# 1st show of the season!!!! :D



## XxXequinegrlXxX (May 24, 2008)

i'm so excited.. my first show is next sunday! its a hunter show. I think i'll be in about 4 classes and i am not going with Cricket because she isnt jumping  but i am going with a great hunter at our barn!! It's my first rated show and i'm so excited  But i'm not expecting anything i just wanna go and have a great experience  !!


----------



## Hoofprints in the Sand (Nov 23, 2008)

Good luck, and have fun!!


----------



## upnover (Jan 17, 2008)

Awesome!! What show is it? I'm headed to a rated show next week as well, but we aren't leaving until Monday since it's in my hometown.


----------



## XxXequinegrlXxX (May 24, 2008)

......


----------



## XxXequinegrlXxX (May 24, 2008)

thanks guys!
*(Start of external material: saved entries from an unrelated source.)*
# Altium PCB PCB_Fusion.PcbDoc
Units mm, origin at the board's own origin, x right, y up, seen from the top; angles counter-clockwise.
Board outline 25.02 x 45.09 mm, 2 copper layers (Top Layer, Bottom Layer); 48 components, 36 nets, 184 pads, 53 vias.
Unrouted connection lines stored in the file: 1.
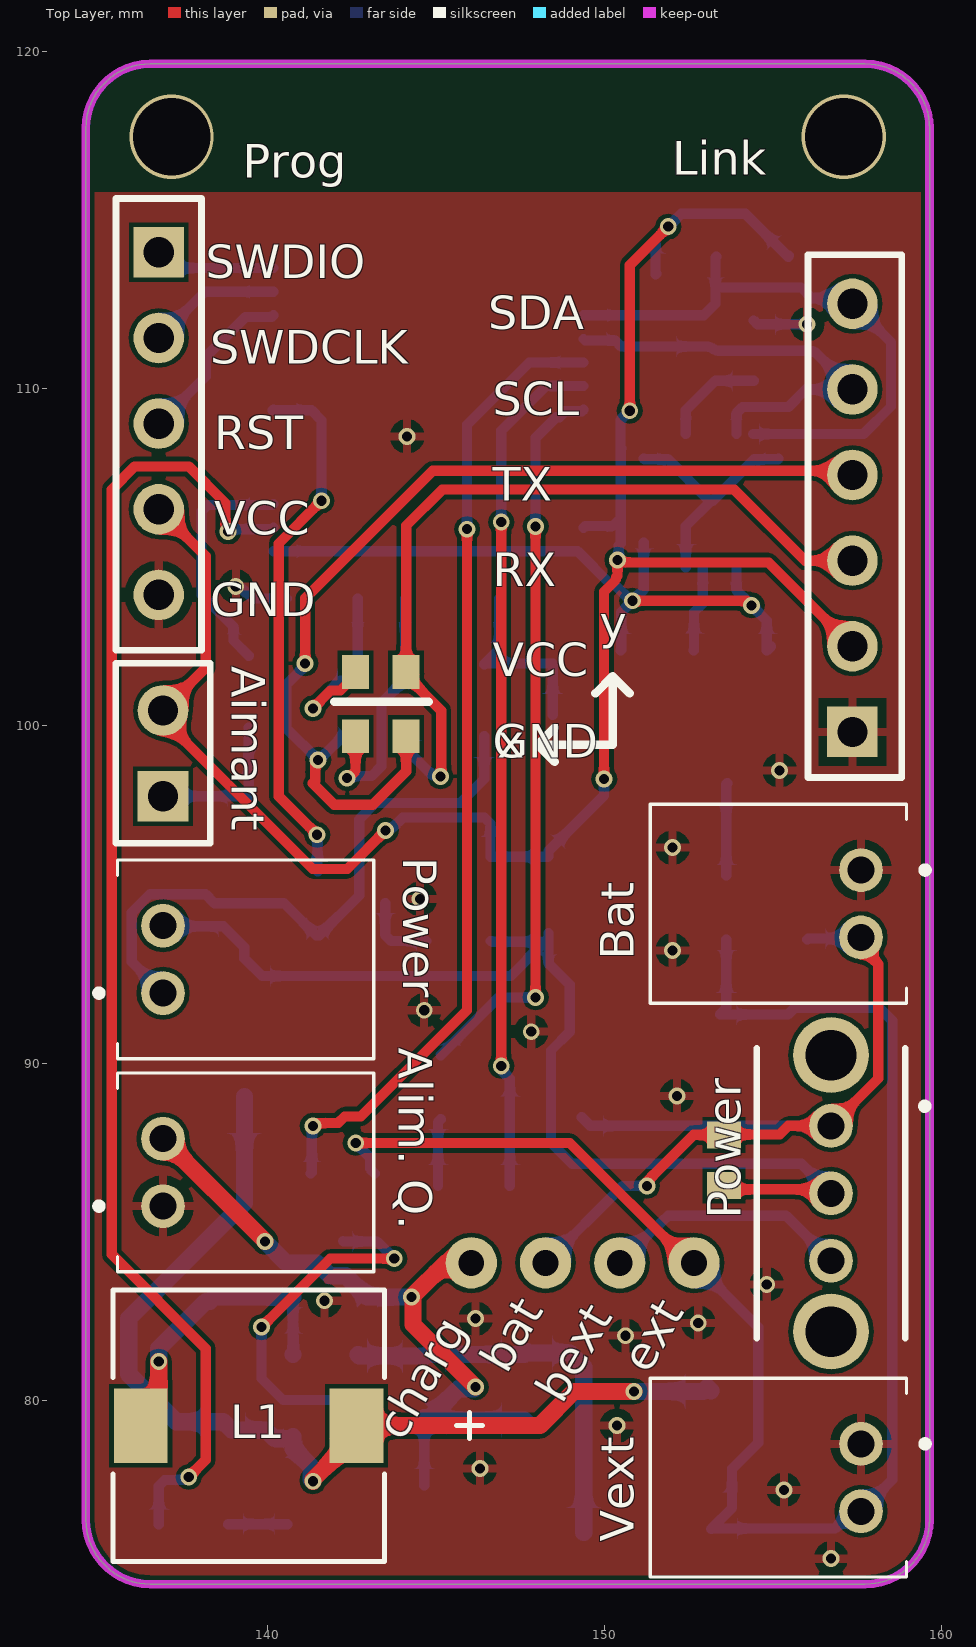
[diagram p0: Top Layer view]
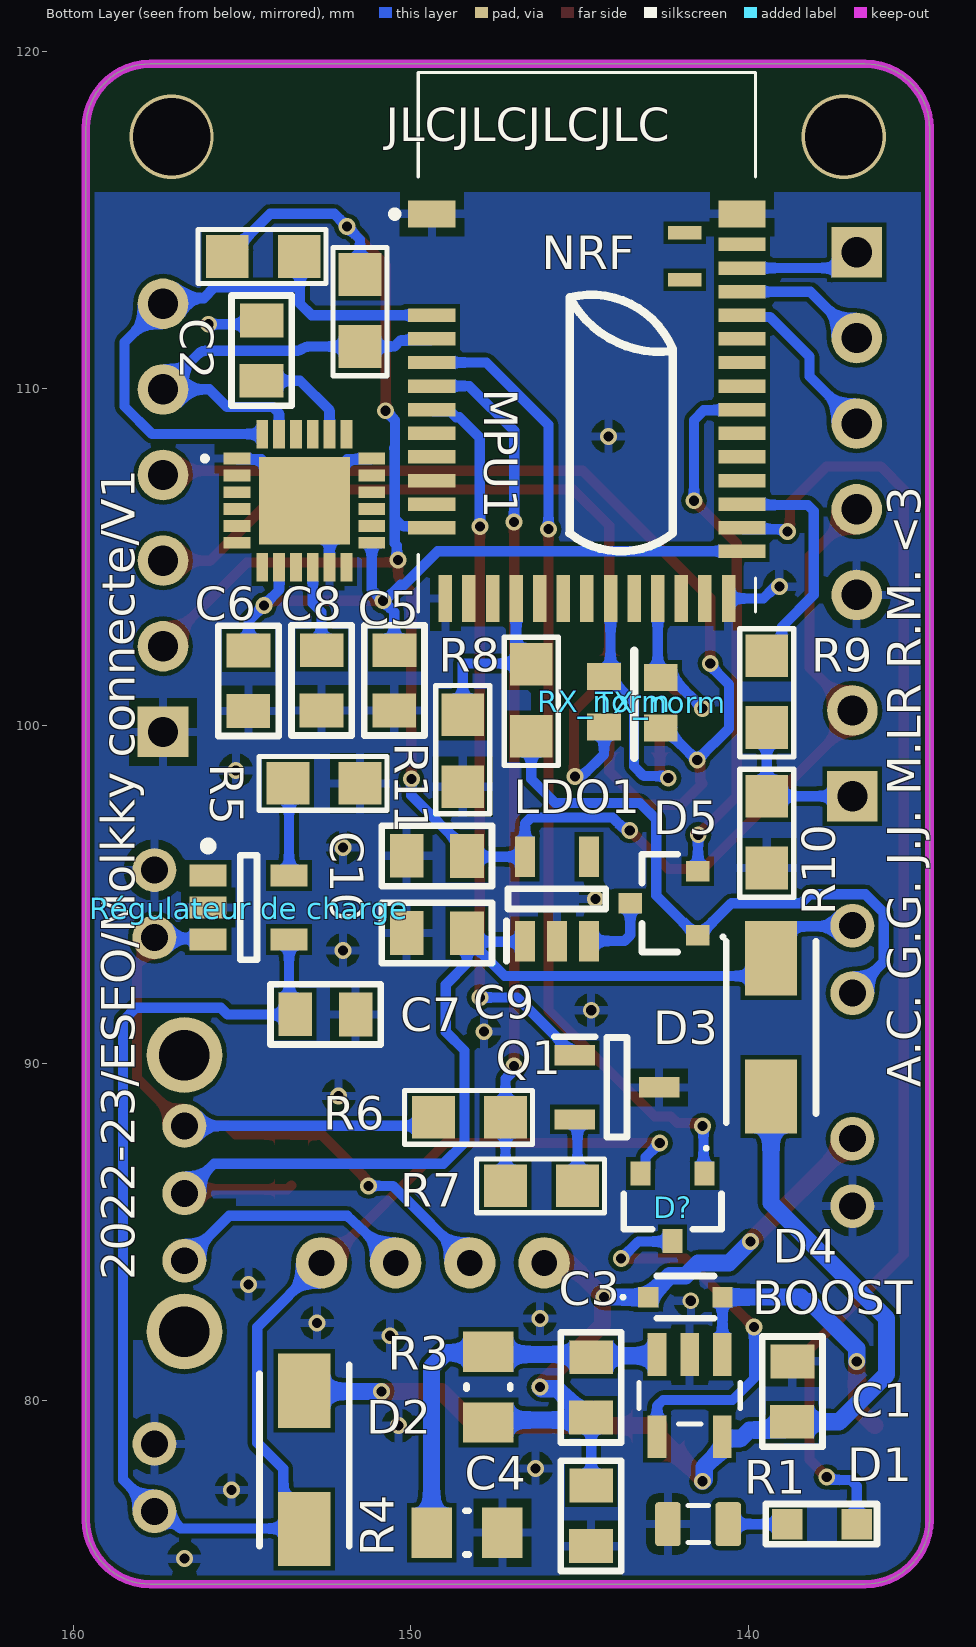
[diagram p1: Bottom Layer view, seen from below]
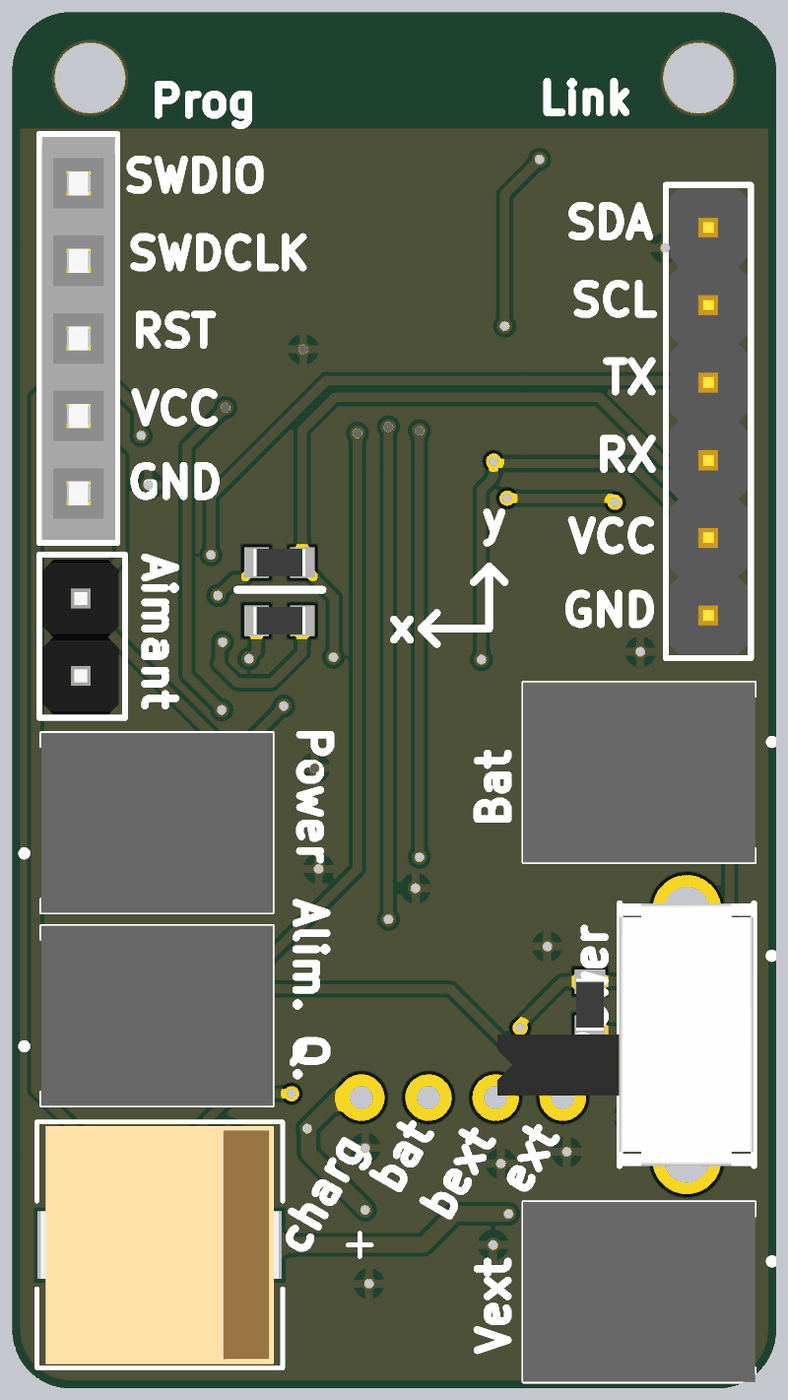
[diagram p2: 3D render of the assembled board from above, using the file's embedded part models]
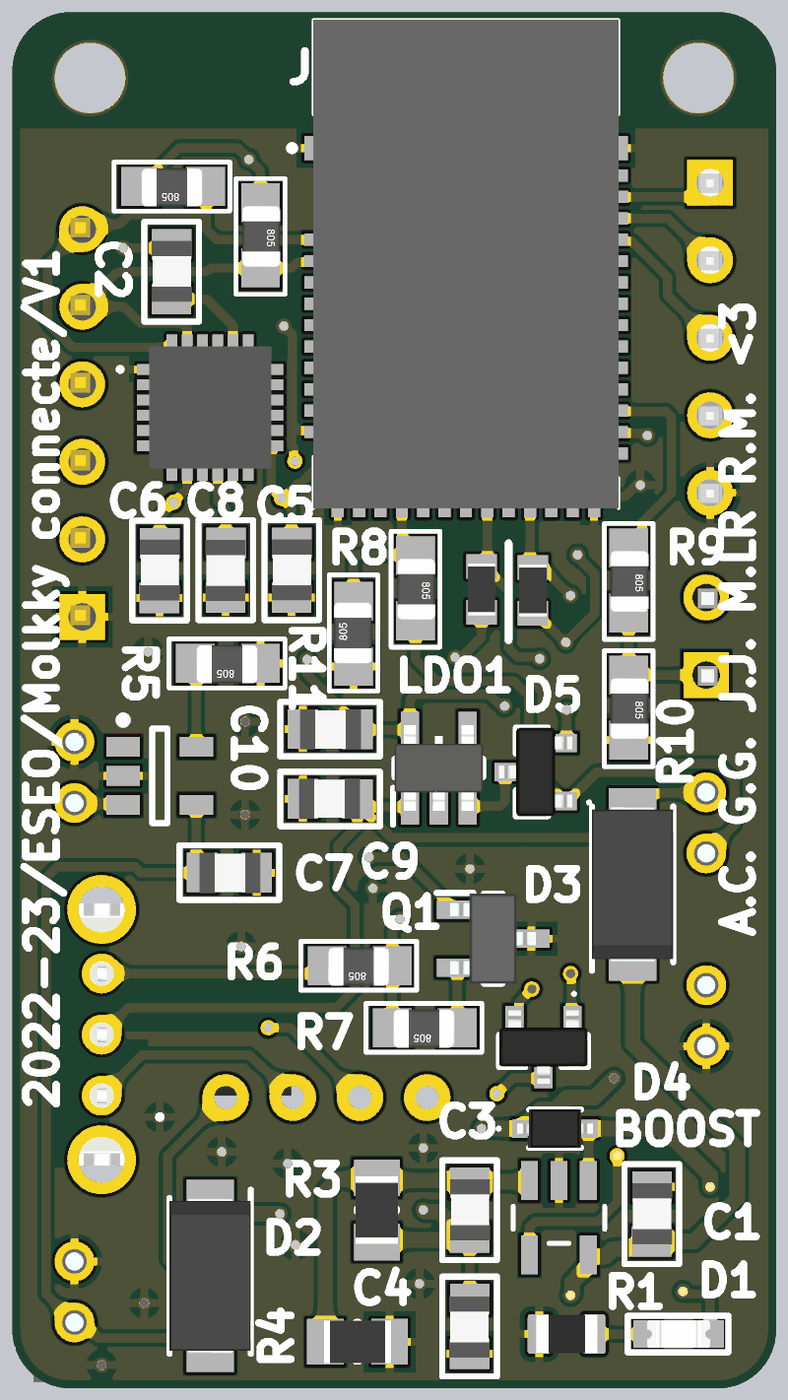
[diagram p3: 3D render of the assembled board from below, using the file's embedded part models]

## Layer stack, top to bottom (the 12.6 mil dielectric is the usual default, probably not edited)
Top Solder: solder mask 0.0102, Solder Resist, Dk 3.5
Top Layer: signal copper 0.0356
Dielectric 1: dielectric 0.32, FR-4, Dk 4.8
Bottom Layer: signal copper 0.0356
Bottom Solder: solder mask 0.0102, Solder Resist, Dk 3.5

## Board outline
134.62,76.454 134.62,117.729 cw(c136.525,117.729) 136.525,119.634 157.734,119.634 cw(c157.734,117.729) 159.639,117.729 159.639,76.454 cw(c157.734,76.454) 157.734,74.549 136.525,74.549 cw(c136.525,76.454)

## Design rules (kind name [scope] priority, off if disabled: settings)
Clearance [All] p1: gap=0.127 ignorepadtopadclearanceinfootprint=FALSE except(0.254: Arc-Via Track-Via Via-Via; 0.508: THPad-THPad)
PolygonConnect [All] p1: connectstyle=Relief reliefconductorwidth=0.254 reliefentries=4 polygonreliefangle="90 Angle" airgapwidth=0.254
RoutingVias [All] p1: holewidth=0.3 width=0.5 viastyle="Through Hole" minholewidth=0.762 minwidth=0.381 maxholewidth=1.016 maxwidth=0.762
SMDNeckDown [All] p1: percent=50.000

Its just a show that is at a nearby farm, they have like 5 or 6 shows per show season i believe


----------



## XxXequinegrlXxX (May 24, 2008)

whoa and sorry about that .... post.. i don't know how to delete posts and im not sure what happened lol


----------



## Dartanion (Dec 8, 2008)

good luck and make sure you get pictures!!!


----------



## XxXequinegrlXxX (May 24, 2008)

thanks, i'll try!


----------